Architecture boundary

The completed circuit is reporting-only.

It may collect, summarize, replay, compare, and display evidence. It must not grant any of the following authority:

  • automatic patch application
  • automatic security dismissal
  • merge authorization
  • semantic-equivalence claims

Every consumer in the circuit must preserve these denied authorities even when incoming evidence contains a field that attempts to expand authority.

What the circuit proves

The circuit proves that evidence can move across the delivery-reliability surfaces without becoming an action-authorizing control plane.

The intended use is:

  • Help maintainers see why a patch is risky or reviewable.
  • Preserve the path from failure signal to review artifact.
  • Make repeated evidence visible across PR Quality, Runtime Proof, and ProtectedVerifier.
  • Keep human review as the final decision point.

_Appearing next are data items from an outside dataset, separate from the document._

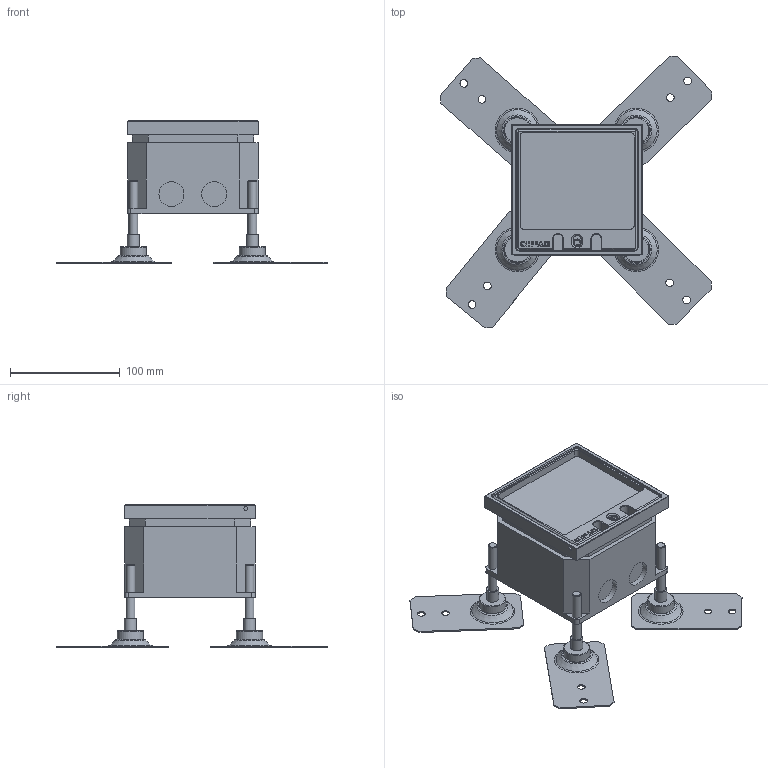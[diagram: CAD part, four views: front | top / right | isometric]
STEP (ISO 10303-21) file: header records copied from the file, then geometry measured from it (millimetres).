
FILE_DESCRIPTION(/* description */ (''),/* implementation_level */ '2;1');
FILE_NAME(/* name */ 'K:\Inventor\Dummy Zeichnungen Bodendosen\4000 Serie\FONTO.4308.CLOSE.stp',/* time_stamp */ '2019-05-13T10:34:33+02:00',/* author */ ('mayrhofer'),/* organization */ (''),/* preprocessor_version */ 'ST-DEVELOPER v17.2',/* originating_system */ 'Autodesk Inventor 2019',/* authorisation */ '');
FILE_SCHEMA (('AUTOMOTIVE_DESIGN { 1 0 10303 214 3 1 1 }'));
Length unit declared in the file: millimetre
Products named in the file (8): FONTO.4308; Kokille_42xx43xx; Nivellierfuß; Deckel_4308; Dichtung FONTO 4301; 1533631_3DINV; 309.LEG.45°.BS.MOSAIC.WEISS.2MOD.; BS 4183 - M5 x 6
Assembly tree (12 placements, depth 2):
  FONTO.4308
    Kokille_42xx43xx
    Nivellierfuß  x4
    Deckel_4308
    Dichtung FONTO 4301
    1533631_3DINV
    309.LEG.45°.BS.MOSAIC.WEISS.2MOD.  x2
    BS 4183 - M5 x 6  x2
Bounding box: 247.92 x 247.74 x 130.2 mm (x, y, z)
Volume: 695755.3 mm3; surface area: 243895.7 mm2
Topology: 12 solids, 12 shells, 601 faces, 1514 edges, 990 vertices
Faces by surface type: plane 352, cylinder 141, cone 52, torus 37, bspline 15, sphere 4
Full cylindrical faces by diameter (mm): 0.1 x2, 3.5 x14, 4.019 x2, 5 x6, 6 x2, 6.647 x4, 6.7 x1, 7 x8, 8 x4, 8.75 x2, 11 x4, 22.835 x2, 24 x4, 39 x2
Entity records: 13014 total; most frequent: CARTESIAN_POINT 2668, ORIENTED_EDGE 2072, DIRECTION 2060, EDGE_CURVE 1036, AXIS2_PLACEMENT_3D 692, VERTEX_POINT 679, LINE 676, VECTOR 676

The circuit does not prove that a code change is semantically equivalent. It does not authorize a merge. It does not apply patches. It does not dismiss security findings.

Stop condition

The propagation loop stops at #1761.

Future slices should not add another consumer of the same benchmark replay evidence unless there is a new product surface or a concrete missing review artifact. Prefer one of these next directions instead:

Post-checkpoint benchmark validation

Later diagnostic execution-plan and trajectory-handoff work adds a new contract to the existing control plane, but it does not reopen the recursive consumer chain. Replayable benchmark scenarios may validate the observed, not-provided, and forged-authority outcomes for that contract.

This validation remains reporting-only:

  • planned commands are evidence, not executable instructions;
  • trajectory proof command arrays remain empty;
  • benchmark output does not feed current PR decisions or RepoMemory;
  • forged execution authority must fail before trajectory evidence is written.

Review checklist for future slices

Before adding another evidence consumer, confirm all of the following:

  • The new surface is distinct from the existing circuit.
  • The evidence is not already visible in PR Quality, Runtime Proof, or ProtectedVerifier.
  • The new slice improves operator review, not automation authority.
  • The implementation preserves reporting-only behavior.
  • The proof output still shows no patch application, no security dismissal, no merge authorization, and no semantic-equivalence claim.